But what's undeniable is that the vast majority of information on this disc is useless to me. It's worth pointing out that, although the introduction mentions modern flat-panel TVs (this disc came out in 2003), all of the tests and information on the disc are actually geared towards CRT or projector TVs. That might have been appropriate five years ago, but even in 2003, plasma and LCD sets were starting to make an appearance and it should have been obvious to a supposed professional like Joe Kane that they were going to become a big presence in the home theater market.
Nonetheless, I followed the advice of those who rank this disk highly, and was prepared to sit down and watch the program from the beginning, since there aren't actually any printed instructions included with the DVD. For the first section -- basic adjustments -- the video was very good; everything was explained clearly, and then I was presented with a test pattern with which to adjust my set.
Unfortunately, once I got past the basic adjustments, everything changed. Instead of continuing with the "explain/test pattern" paradigm, the program became nothing but a series of explanations, with no "break" for the user to configure his set based on the information he was just given.
To give you an example: In the basic section, there are instructions for how to adjust the contrast on your set, but they are only useable if you have a non-HDTV, because they depend on seeing the scan lines on the screen. The user is told that if he doesn't have a CRT TV with visible scan lines, he will be given instructions on how to adjust the contrast in the "troubleshooting" section. In the troubleshooting section, we are given a lot of talk about high-scan-rate CRTs and projector TVs before we finally get to the test pattern.
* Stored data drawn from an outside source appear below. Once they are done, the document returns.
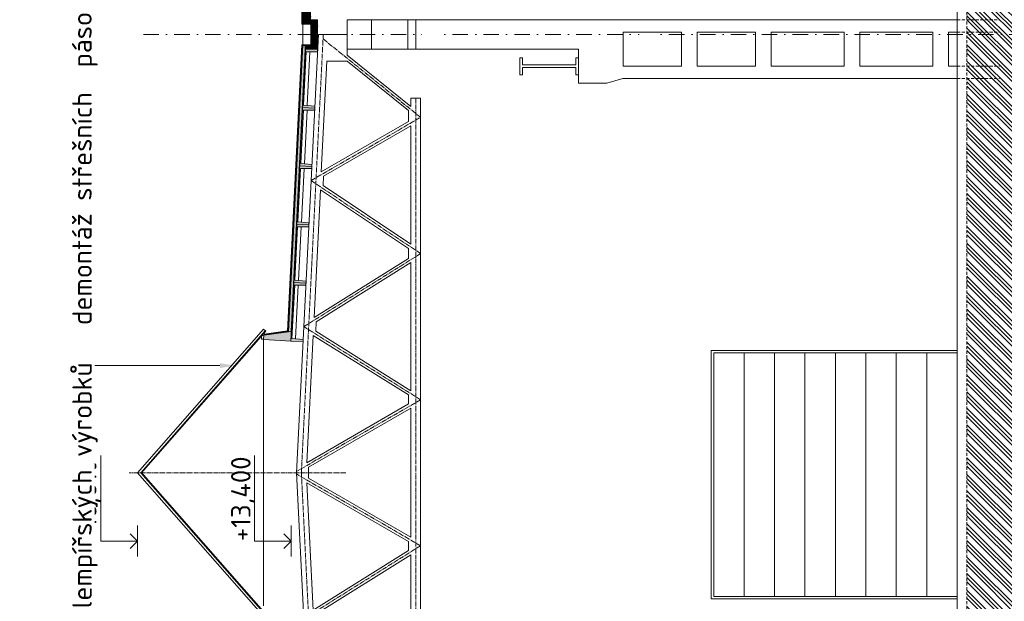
# Model space of a CAD drawing. Header units: millimetres. Extents: x -725694 to 4766210, y -2984614 to 2187451.
# Tile 99 of 256: x 232289 to 252514, y 69659 to 81605. Entities that reach past the tile are written whole.
import ezdxf
from ezdxf import colors
from ezdxf.entities.mleader import LeaderData, LeaderLine
from ezdxf.math import Vec2, Vec3

# ---------------------------------------------------------------- set-up
doc = ezdxf.new("R2010")
doc.units = ezdxf.units.MM
for name, pattern in [('AM_DIN_G_W050', [13.75, 9.75, -1.5, 1, -1.5]), ('CARKOVANA', [5, 3, -2]), ('CENTERX2', [101.6, 63.5, -12.7, 12.7, -12.7]), ('DASHDOT', [25.4, 12.7, -6.35, 0, -6.35]), ('HIDDEN', [9.525, 6.35, -3.175])]:
    doc.linetypes.add(name, pattern=pattern)
for name, color, linetype, lineweight in [('A99_N_sraf', 7, 'Continuous', 0), ('A99_N_txt-popis-50 @ 200', 7, 'Continuous', 9), ('A99_S_kce-demolice', 7, 'Continuous', 20), ('A99_S_kce-pohl', 7, 'Continuous', 5), ('A99_S_kce-rez-sil', 7, 'Continuous', 15), ('A99_S_kce-rez-ten', 7, 'Continuous', 9), ('A99_S_koty-200-vysk', 7, 'Continuous', 9), ('A99_S_osy', 7, 'CENTERX2', 5), ('A99_S_sraf @ 200', 7, 'Continuous', 9)]:
    doc.layers.add(name, color=color, linetype=linetype, lineweight=lineweight)
doc.styles.add('A99_popis', font='isocpeur.ttf')
pattern_1 = [(45, (14.142, 0), (-28.284271, 28.284271), []), (0, (59.21, 13.25), (28.2842712, 28.2842712), [5, -51.5685425]), (45, (64.21, 13.25), (-28.284271, 28.284271), [5, -35]), (90, (67.746, 16.784), (-28.2842712, 28.2842712), [5, -51.5685425]), (135, (67.746, 21.784), (-28.284271, -28.284271), [5, -35]), (0, (59.21, 25.32), (28.2842712, 28.2842712), [5, -51.5685425]), (45, (55.675, 21.784), (-28.284271, 28.284271), [5, -35]), (90, (55.675, 16.784), (-28.2842712, 28.2842712), [5, -51.5685425]), (135, (59.21, 13.25), (-28.284271, -28.284271), [5, -35]), (45, (72.317, 29.89), (-28.284271, 28.284271), [10, -30])]

msp = doc.modelspace()

# ---------------------------------------------------------------- hatches: boundary and pattern name
at = {"layer": 'A99_N_sraf', "linetype": 'Continuous', "lineweight": 0, "ltscale": 2, "transparency": 33554562}
h = msp.add_hatch(dxfattribs=at)
h.set_pattern_fill('BETON-LEHKY', color=256, scale=10, style=0)
h.set_pattern_definition(pattern_1)
h.paths.add_polyline_path([(238154.6, 81920), (238105.1, 81920), (238105.1, 81530), (238154.6, 81530)])
at = {"layer": 'A99_N_sraf', "lineweight": 0, "transparency": 33554687}
h = msp.add_hatch(dxfattribs=at)
h.set_pattern_fill('ZELEZOBETON', color=256, scale=10)
h.set_pattern_definition([(45, (0, 0), (-35.355339, 35.355339), []), (45, (14.14, 0), (-35.355339, 35.355339), []), (45, (42.426, 0), (-21.213203, 49.497475), [20, -10, 0, -10])])
h.paths.add_polyline_path([(238260, 81850), (238160, 81850), (238160, 81600), (238260, 81600)])
h = msp.add_hatch(dxfattribs=at)
h.set_pattern_fill('ZELEZOBETON', color=256, scale=10)
h.set_pattern_definition([(45, (-51175, -525700), (-35.355339, 35.355339), []), (45, (-51160.86, -525700), (-35.355339, 35.355339), []), (45, (-51132.574, -525700), (-21.2132034, 49.4974747), [20, -10, 0, -10])])
h.paths.add_polyline_path([(238410, 81300), (238375, 81300), (238375, 81520), (238160, 81530), (238160, 81600), (238410, 81600)])
h.paths.add_polyline_path([(238410, 81000), (238160, 81000), (238160, 81070), (238375, 81080), (238375, 81300), (238410, 81300)])
at = {"layer": 'A99_S_kce-demolice', "lineweight": 0}
h = msp.add_hatch(dxfattribs=at)
h.set_pattern_fill('BETON-LEHKY', color=256, scale=10, style=0)
h.set_pattern_definition(pattern_1)
h.paths.add_polyline_path([(238375, 81520), (238290.6, 81523.9), (238290, 81076), (238375, 81080)])
at = {"layer": 'A99_S_sraf @ 200', "linetype": 'Continuous', "lineweight": 0}
h = msp.add_hatch(dxfattribs=at)
h.set_pattern_fill('ZEM_PUVODNI', color=256, scale=0.3, angle=180)
h.set_pattern_definition([(315, (32580, -1017000), (169.70563, 169.70563), []), (315, (32580, -1017084.85), (169.70563, 169.70563), []), (315, (32580, -1017169.7), (169.70563, 169.70563), [])])
h.paths.add_polyline_path([(251745, -17545), (251745, -5025), (251745, -890), (252300, -890), (252300, -600), (251745, -600), (251745, 83825), (253870, 83825), (253870, -17545)])

# ---------------------------------------------------------------- linework, layer by layer
at = {"layer": 'A99_N_sraf', "linetype": 'Continuous', "lineweight": 0, "ltscale": 2, "transparency": 33554562}
for points in [[(238290, 81300), (238290, 81524), (238092.9, 81533.1)], [(238290, 81300), (238290, 81076), (238092.9, 81066.9)]]:
    msp.add_lwpolyline(points, dxfattribs=at)
at = {"layer": 'A99_S_kce-pohl', "lineweight": 5}
msp.add_line((240325, 79824.9), (240325, 79994.7), dxfattribs=at)
at = {"layer": 'A99_S_kce-pohl'}
for points in [[(246205, 81350), (246205, 80650), (247405, 80650), (247405, 81350)], [(247725, 81350), (247725, 80650), (249225, 80650), (249225, 81350)], [(249545, 81350), (249545, 80650), (251045, 80650), (251045, 81350)], [(251365, 81350), (251365, 80650), (251545, 80650), (251545, 81350)], [(251545, 74810), (246495, 74810), (246495, 69710), (251545, 69710)], [(251545, 74760), (246545, 74760), (246545, 69760), (251545, 69760)]]:
    msp.add_lwpolyline(points, close=True, dxfattribs=at)
at = {"layer": 'A99_S_kce-pohl', "lineweight": 5}
for points in [[(237975, 72300), (238425, 81300)], [(239015, 81300), (238425, 81300)], [(239015, 81300), (239015, 80877.6)], [(238484.2, 78478.6), (238597.7, 80750)], [(239014.1, 80750), (238597.7, 80750)], [(240275, 79736.8), (239014.1, 80750)], [(240325, 79824.9), (239015, 80877.6)], [(240275, 79513.3), (240275, 79736.8)], [(238484.2, 78478.6), (240275, 79513.3)], [(238529.8, 78389.5), (240325, 79426.7)], [(240325, 76993.4), (240325, 79426.7)], [(238529.8, 78389.5), (238520.1, 78196.7)], [(238334.8, 75490.1), (238465.9, 78112.7)], [(240275, 76906.6), (238465.9, 78112.7)], [(240325, 76993.4), (238520.1, 78196.7)], [(240275, 76702.7), (240275, 76906.6)], [(238334.8, 75490.1), (240275, 76702.7)], [(238380.3, 75400.6), (240325, 76616)], [(240325, 73984), (240325, 76616)], [(238370.6, 75205.5), (238380.3, 75400.6)], [(240275, 73897.3), (238316.3, 75121.5)], [(240325, 73984), (238370.6, 75205.5)], [(240275, 73713.2), (240275, 73897.3)], [(240275, 73713.2), (238185.5, 72505.1)], [(240325, 73626.6), (238225, 72412.5)], [(240325, 72300), (240325, 73626.6)], [(238225, 72300), (238225, 72412.5)], [(237975, 72300), (238425, 63300)], [(238225, 72300), (238225, 72187.5)], [(240325, 72300), (240325, 70973.4)], [(238185.5, 72094.9), (238316.3, 69478.5)], [(240275, 70886.8), (238185.5, 72094.9)], [(240325, 70973.4), (238225, 72187.5)], [(240275, 70886.8), (240275, 70702.7)], [(240275, 70702.7), (238316.3, 69478.5)], [(240325, 70616), (238370.6, 69394.5)], [(240325, 70616), (240325, 67984)]]:
    msp.add_lwpolyline(points, dxfattribs=at)
at = {"layer": 'A99_S_kce-pohl', "color": 253, "linetype": 'AM_DIN_G_W050', "lineweight": 0, "ltscale": 10}
for points in [[(238074.9, 72295), (238524.9, 81295)], [(238074.9, 72305), (238524.9, 63305)]]:
    msp.add_lwpolyline(points, dxfattribs=at)
at = {"layer": 'A99_S_kce-pohl', "linetype": 'CARKOVANA', "lineweight": 0, "ltscale": 15, "const_width": 5}
msp.add_lwpolyline([(238157.1, 80998), (237867.6, 75205.2)], dxfattribs=at)
at = {"layer": 'A99_S_kce-pohl', "lineweight": 0}
msp.add_lwpolyline([(238154.6, 80998.1), (237865.1, 75203.6)], dxfattribs=at)
at = {"layer": 'A99_S_kce-pohl'}
for points in [[(247170, 74760), (247170, 74760), (247170, 69760)], [(247795, 74760), (247795, 74760), (247795, 69760)], [(248420, 74760), (248420, 74760), (248420, 69760)], [(249045, 74760), (249045, 74760), (249045, 69760)], [(249670, 74760), (249670, 74760), (249670, 69760)], [(250295, 74760), (250295, 74760), (250295, 69760)], [(250920, 74760), (250920, 74760), (250920, 69760)]]:
    msp.add_lwpolyline(points, dxfattribs=at)
at = {"layer": 'A99_S_kce-rez-sil'}
for p, q in [((242565, 80825), (242565, 80475)), ((242565, 80825), (242615, 80825)), ((242615, 80825), (242615, 80675)), ((243765, 80825), (243715, 80825)), ((243715, 80825), (243715, 80675)), ((243765, 80825), (243765, 80475)), ((242615, 80675), (243715, 80675)), ((242615, 80625), (243715, 80625)), ((242615, 80475), (242615, 80625)), ((243715, 80475), (243715, 80625)), ((242565, 80475), (242615, 80475)), ((243765, 80475), (243715, 80475))]:
    msp.add_line(p, q, dxfattribs=at)
msp.add_lwpolyline([(239015, 81000), (239015, 81600), (239515, 81600), (239515, 81000)], close=True, dxfattribs=at)
at = {"layer": 'A99_S_kce-rez-sil', "color": 7, "linetype": 'HIDDEN', "lineweight": 5, "ltscale": 10}
for points in [[(251545, 81600), (252415, 81600)], [(251545, 81350), (252415, 81350)], [(251545, 80650), (252415, 80650)], [(251545, 80400), (252415, 80400)]]:
    msp.add_lwpolyline(points, dxfattribs=at)
at = {"layer": 'A99_S_kce-rez-ten', "linetype": 'HIDDEN', "lineweight": 5, "ltscale": 10}
msp.add_line((251745, -600), (251745, 83825), dxfattribs=at)
at = {"layer": 'A99_S_kce-rez-ten', "lineweight": 13}
msp.add_line((251545, 26730), (251545, 81850), dxfattribs=at)
at = {"layer": 'A99_S_kce-rez-ten', "lineweight": 0}
for points in [[(238085.1, 81513.5), (238085.1, 81936.5)], [(238105.1, 81532.6), (238105.1, 81917.4)], [(238154.6, 81920), (238154.6, 81530.3)], [(238160, 81600), (238160, 81850)], [(238260, 81600), (238260, 81850)], [(238270, 81300), (238270, 81504.9), (238083.9, 81513.5)], [(238290, 81300), (238290, 81524), (238084.8, 81533.5)], [(238159.6, 81602), (238159.6, 81530)], [(238270, 81300), (238270, 81095.1), (238083.9, 81086.5)], [(238290, 81300), (238290, 81076), (238084.8, 81066.5)], [(238154.6, 80998), (238154.6, 81069.7)], [(238159.6, 80998), (238159.6, 81070)]]:
    msp.add_lwpolyline(points, dxfattribs=at)
at = {"layer": 'A99_S_kce-rez-ten', "linetype": 'CARKOVANA', "lineweight": 0, "ltscale": 15}
for points, const_width in [([(238095.1, 81532.6), (238095.1, 81917.4)], 20), ([(238157.1, 81920), (238157.1, 81530.1)], 5), ([(238280, 81300), (238280, 81514.4), (238093.4, 81523.1)], 20), ([(238280, 81300), (238280, 81085.6), (238093.4, 81076.9)], 20), ([(238157.1, 80998), (238157.1, 81069.9)], 5)]:
    msp.add_lwpolyline(points, dxfattribs=dict(at, const_width=const_width))
at = {"layer": 'A99_S_kce-rez-ten', "lineweight": 9}
for points in [[(238260, 81850), (238260, 81600), (238410, 81600), (238407.3, 80945.4), (238177.1, 80946.9), (238122.2, 79848.3), (238351.4, 79826.8), (238349.4, 79786.9), (238349.4, 79786.9)], [(238289.5, 78588.4), (238291.5, 78628.3), (238062.3, 78649.8), (238117.2, 79748.4), (238347.4, 79746.9), (238349.4, 79786.9), (238349.4, 79786.9)], [(238289.5, 78588.4), (238287.5, 78548.4), (238057.3, 78549.9), (238002.4, 77451.3), (238231.6, 77429.8), (238229.6, 77389.9), (238229.6, 77389.9)], [(238169.8, 76191.4), (238171.8, 76231.3), (237942.6, 76252.8), (237997.4, 77351.4), (238227.6, 77349.9), (238229.6, 77389.9), (238229.6, 77389.9)], [(238169.8, 76191.4), (238167.8, 76151.4), (237937.6, 76152.9), (237882.7, 75054.3), (238111.9, 75032.8), (238109.9, 74992.9), (237860.2, 75005.3)]]:
    msp.add_lwpolyline(points, dxfattribs=at)
at = {"layer": 'A99_S_kce-rez-ten', "lineweight": 5}
for points in [[(238105, 81085), (238105, 81515)], [(238196.9, 79841.3), (238252.1, 80946.4)], [(238192.3, 79747.9), (238137, 78642.8)], [(238132.4, 78549.4), (238077.2, 77444.3)], [(238072.5, 77350.9), (238017.3, 76245.8)], [(238012.6, 76152.4), (237957.4, 75047.3)], [(238185.5, 72505.1), (238316.3, 75121.5)]]:
    msp.add_lwpolyline(points, dxfattribs=at)
at = {"layer": 'A99_S_kce-rez-ten', "lineweight": 0}
for points in [[(238160, 81000), (238410, 81000), (238410, 81600), (238160, 81600), (238160, 81530), (238375, 81520), (238375, 81080), (238160, 81070)], [(238349.4, 79786.9), (238099.7, 79799.4), (238039.8, 78600.9), (238289.5, 78588.4), (238291.5, 78628.3), (238062.3, 78649.8), (238117.2, 79748.4), (238347.4, 79746.9)], [(238289.5, 78588.4), (238039.8, 78600.9), (237980, 77402.4), (238229.6, 77389.9), (238231.6, 77429.8), (238002.4, 77451.3), (238057.3, 78549.9), (238287.5, 78548.4)], [(238229.6, 77389.9), (237980, 77402.4), (237920.1, 76203.8), (238169.8, 76191.4), (238171.8, 76231.3), (237942.6, 76252.8), (237997.4, 77351.4), (238227.6, 77349.9)], [(238169.8, 76191.4), (237920.1, 76203.8), (237860.2, 75005.3), (238109.9, 74992.9), (238111.9, 75032.8), (237882.7, 75054.3), (237937.6, 76152.9), (238167.8, 76151.4)]]:
    msp.add_lwpolyline(points, close=True, dxfattribs=at)
at = {"layer": 'A99_S_kce-rez-ten', "color": 1, "lineweight": 0}
msp.add_lwpolyline([(238160, 81600), (238160, 81530), (238160, 81530), (238375, 81520), (238375, 81300)], dxfattribs=at)
at = {"layer": 'A99_S_koty-200-vysk', "ltscale": 2}
for p, q in [((233957.4, 70895.3), (233957.4, 72651.8)), ((237114.2, 70895.3), (237114.2, 72651.8)), ((234706.4, 70578), (234706.4, 71212.5)), ((237863.2, 70578), (237863.2, 71212.5)), ((234706.4, 70895.3), (234556.4, 71044.8)), ((237863.2, 70895.3), (237713.3, 71044.8)), ((234706.4, 70895.3), (233957.4, 70895.3)), ((234706.4, 70895.3), (234556.4, 70745.7)), ((237863.2, 70895.3), (237114.2, 70895.3)), ((237863.2, 70895.3), (237713.3, 70745.7))]:
    msp.add_line(p, q, dxfattribs=at)
at = {"layer": 'A99_S_osy', "linetype": 'DASHDOT', "lineweight": 5, "ltscale": 25}
msp.add_line((254834.8, 81300), (234814.8, 81300), dxfattribs=at)

# ---------------------------------------------------------------- texts
at = {"layer": 'A99_S_koty-200-vysk', "ltscale": 2, "style": 'A99_popis'}
for s, p in [('+16,810 ', (233867.7, 70895)), ('+13,400', (237031.6, 70895))]:
    msp.add_text(s, height=400, rotation=90, dxfattribs=at).set_placement(p)

# ---------------------------------------------------------------- leaders
at = {"layer": 'A99_N_txt-popis-50 @ 200', "lineweight": 9}
ml = msp.add_multileader_mtext('Standard', dxfattribs=at)
ml.set_content('\\A1;{\\C256;výměna stávajících sekční vrat za nová}', color=1, style='A99_popis')
ml.set_leader_properties(color=256, linetype='ByLayer', lineweight=-1)
ml.build(insert=Vec2(0, 0))
ml.multileader.update_dxf_attribs({"dogleg_length": 200, "arrow_head_size": 300, "scale": 200})
ctx = ml.context
ctx.base_point, ctx.scale, ctx.char_height, ctx.arrow_head_size, ctx.landing_gap_size, ctx.plane_origin = Vec3(9095, 72885), 200, 400, 300, 1000, Vec3(8542.5, 64790)
notes = []
notes.append((ctx, [(0, (1, 1, 0), (8295, 72885), (1, 0), 800, [(0, [(5830, 72885)], 0, [])])]))
ctx.mtext.insert, ctx.mtext.width, ctx.mtext.flow_direction = Vec3(10095, 73145), 9865.703, 5
for ctx, leaders in notes:
    for number, flags, end, landing, length, lines in leaders:
        leader = LeaderData()
        leader.index, (leader.has_last_leader_line, leader.has_dogleg_vector, leader.attachment_direction) = number, flags
        leader.last_leader_point, leader.dogleg_vector, leader.dogleg_length = Vec3(end), Vec3(landing), length
        for number, points, colour, breaks in lines:
            line = LeaderLine()
            line.index, line.vertices, line.color, line.breaks = number, Vec3.list(points), colors.encode_raw_color(colour), breaks
            leader.lines.append(line)
        ctx.leaders.append(leader)

# ---------------------------------------------------------------- next in the draw order: leaders
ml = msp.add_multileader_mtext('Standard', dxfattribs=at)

Here, reproduced for your edification, are the complete, verbatim instructions on how to adjust your contrast (I have attempted to upload a screen capture of the test pattern in question which may or may not make any of this more comprehensible):
[EDIT]I've decided to re-type this section to give it a little more impact. It seemed a little hard to read with everything mashed up together.
So, first, I'm presenting, verbatim, the instructions you're supposed to use to adjust the contrast. Then, below that, are my comments, based on my reaction as I watched the video and attempted to follow the instructions.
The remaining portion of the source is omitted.